Unternehmen sind nicht für Sinnstiftung zuständig
Aus der spärlichen, fundiert kritischen Diskussion, die es zu Purpose gibt, ist das berechtigte Argument zu hören, dass es einem Unternehmen nicht zusteht, den Beschäftigten Sinn überzustülpen. Für die Sinnstiftung in der Belegschaft ist der Arbeitgeber nicht zuständig. Das Unternehmen gewinnt den Sinn seiner Existenz aus dem, was es an Produkten oder Dienstleistungen anbietet und aus dem Ergebnis, sprich Gewinn, das es daraus erzielt.

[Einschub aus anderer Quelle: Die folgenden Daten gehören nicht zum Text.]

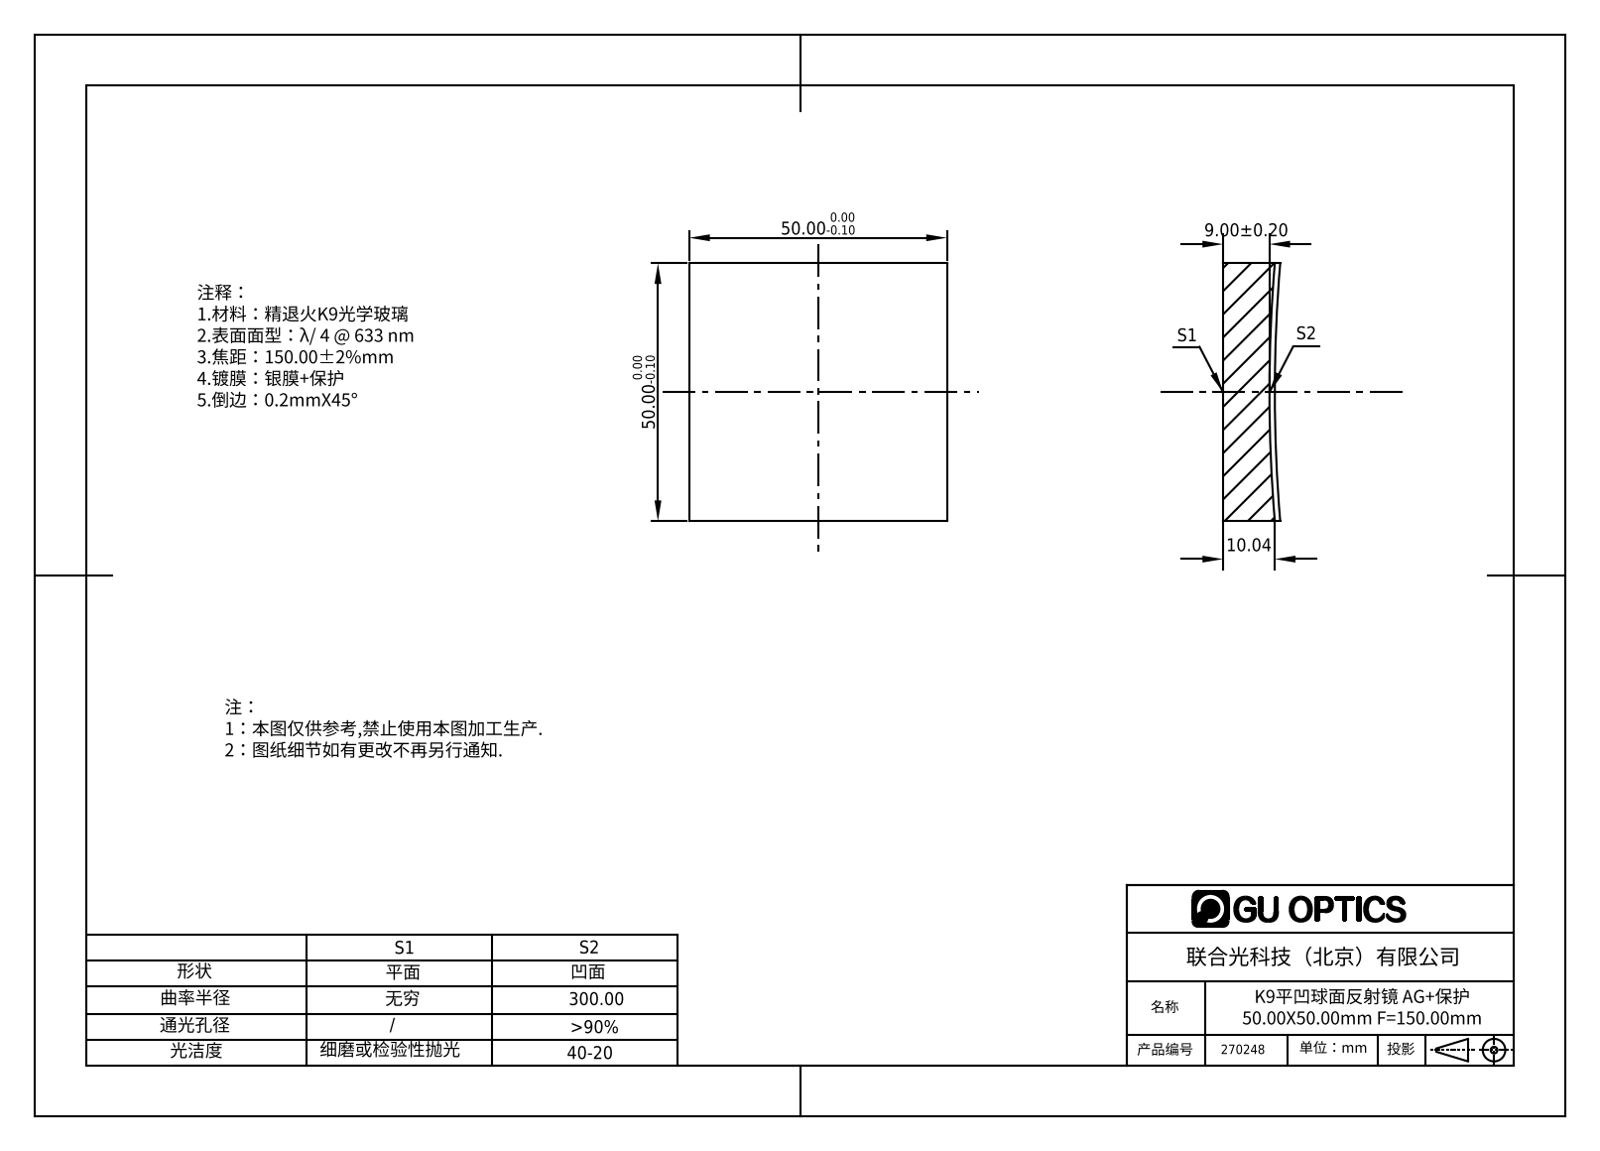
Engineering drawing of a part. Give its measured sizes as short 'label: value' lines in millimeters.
name: 270053
written by: SolidWorks 2019 (AUTOMOTIVE_DESIGN)
unit: mm
bodies: 1 solid, 7 faces (5 planar, 0 cylindrical, 2 other)
size: 50 × 50 × 11.09
volume: 24 239 mm³; area: 7 084 mm²
face distances: 50

Die MitarbeiterInnen kommen mit unterschiedlichen Sinnvorstellungen zur Arbeit. Die Basismotivation für die meisten dürfte zunächst die Sicherung des Lebensunterhaltes sein. Darüberhinaus wollen sie ihre Kenntnisse und Erfahrungen möglichst adäquat einsetzen, wollen Karriere machen, suchen Anerkennung und Wertschätzung, wollen auch etwas Freude dabei haben oder vielleicht nur einen Job machen, um damit Geld zu verdienen.

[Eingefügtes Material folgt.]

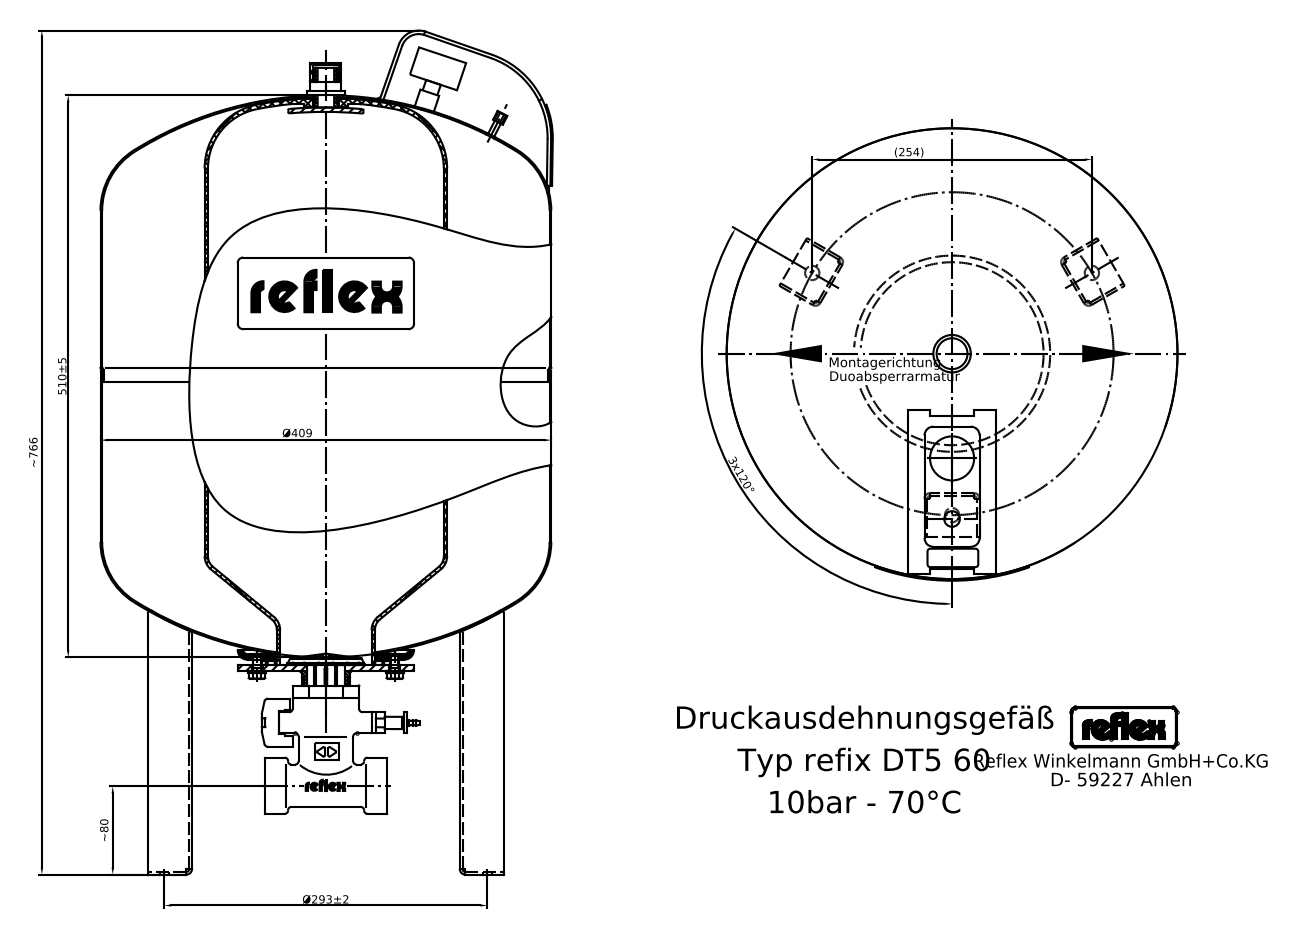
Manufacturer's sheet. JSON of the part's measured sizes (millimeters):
{"step_written_by": "Mechanical Desktop 2008 (CONFIG_CONTROL_DESIGN)", "units": "millimeters", "bodies": {"solids": 21, "faces": 670, "planar": 286, "cylindrical": 247, "other": 137}, "overall_size": [761.11, 409, 409], "volume_mm3": 57510000, "surface_area_mm2": 1674000, "round_holes": [[13.4, 3], [2.48, 1], [3.8, 1], [4.3, 1], [4.4, 1], [5.45, 1], [7, 1], [8, 1], [11.4, 1], [42.4, 1], [92, 1], [150, 1]], "round_bosses_or_shafts": [[10, 9], [409, 1], [160, 1], [140, 1], [62, 1], [56, 1], [53, 1], [52, 1]], "partial_cylinders_radius": [[0.5, 20], [1, 15], [2.5, 15], [5, 15], [3.94, 4], [1.57, 3], [2.69, 2], [4.72, 2]], "face_to_face_distances": [280, 2.5, 47.5, 45, 50, 121, 401, 6, 127, 407], "hole_center_spacings": [146.5, 253.74]}

Zusätzliche Sinnstiftung ist für beide Seiten nicht notwendig.
Nun argumentieren die Purpose-Jünger gerne mit Umfrageergebnissen, nach denen die Beschäftigten angeben, 'etwas Sinnvolles' arbeiten zu wollen, etwas zur Verbesserung der Gesellschaft beitragen zu wollen und dass ihnen das sogar wichtiger wie Geld sei. Da muss man genau hinschauen, was wirklich gefragt wurde. Wenn sich jemand auf eine Stelle bewirbt, werden höchstwahrscheinlich die vorhin genannten Gründe die zentrale Rolle spielen. Wenn die im Großen und Ganzen erfüllt sind, wird der Beschäftigte auch das Gefühl haben etwas Sinnvolles zu tun.
Dass ein Paketbote möglicherweise gerne eine andere Tätigkeit ausüben würde, kann man leicht nachvollziehen. Der stellt sich aber dann wahrscheinlich einen besser bezahlten, leichteren und weniger stressigeren Job vor. Ob ihm 'Sinnangebote' seines Arbeitgebers helfen, sein Paketbotendasein mit größerer Freude anzunehmen, ist fraglich.

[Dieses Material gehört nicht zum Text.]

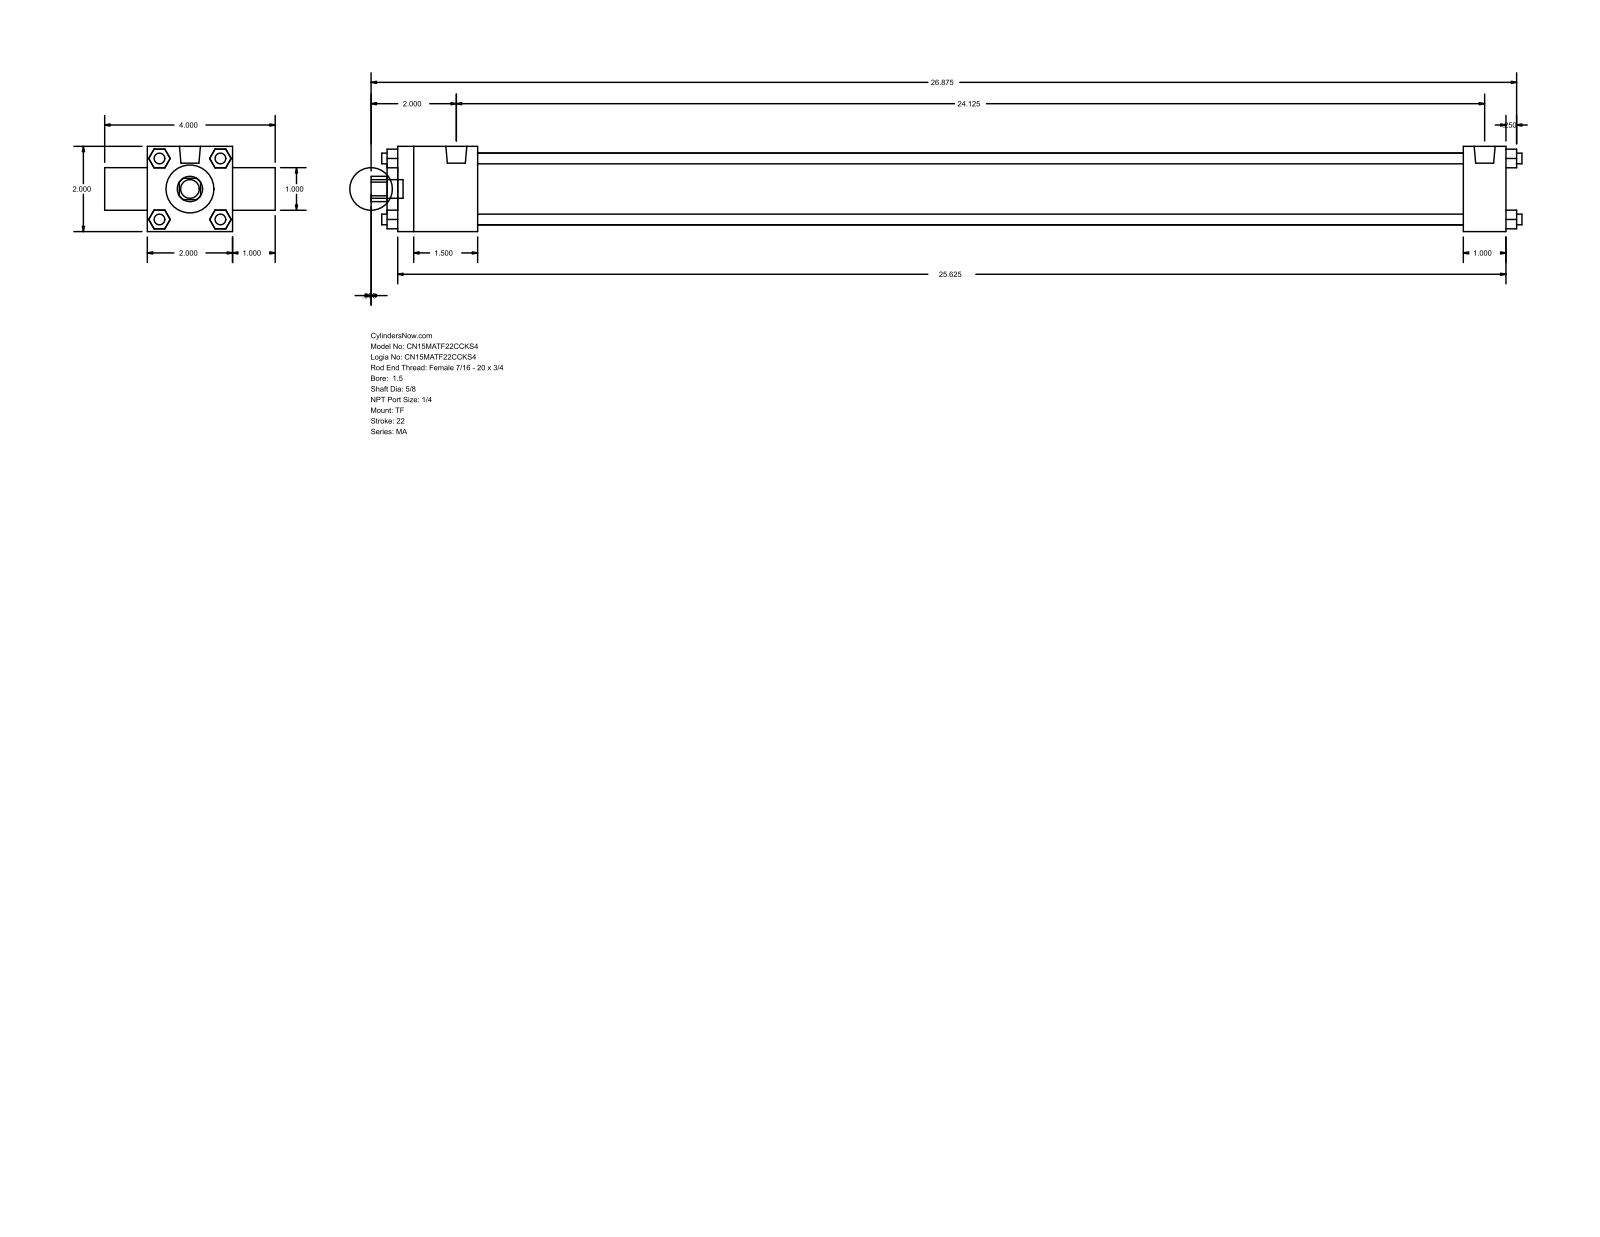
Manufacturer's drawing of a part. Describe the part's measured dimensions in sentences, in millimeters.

Ob es also wirklich 'sinnvoll' ist, ob es bei den Beschäftigten eine motivierende und leistungssteigernde Wirkung hat, wenn ein Unternehmen über seinen 'normalen' Daseinszweck hinaus den Beschäftigten einen Sinn ihrer Arbeit zu vermitteln versucht, ist fraglich. Kritisch zu sehen ist in jedem Fall, wenn der Arbeitgeber den Beschäftigten Sinn aufoktroyiert. Das beliebte 'Wir sind eine Familie' beispielsweise ist unsinnig und mittlerweile auch abgegriffen.
Die MitarbeiterInnen dürften dann motiviert arbeiten, wenn sie das Gefühl haben, ihre individuellen Sinnvorstellungen in die Arbeit einzubringen und nicht die zwanghaft übernehmen zu müssen, die ihnen der Arbeitgeber vorsäuselt.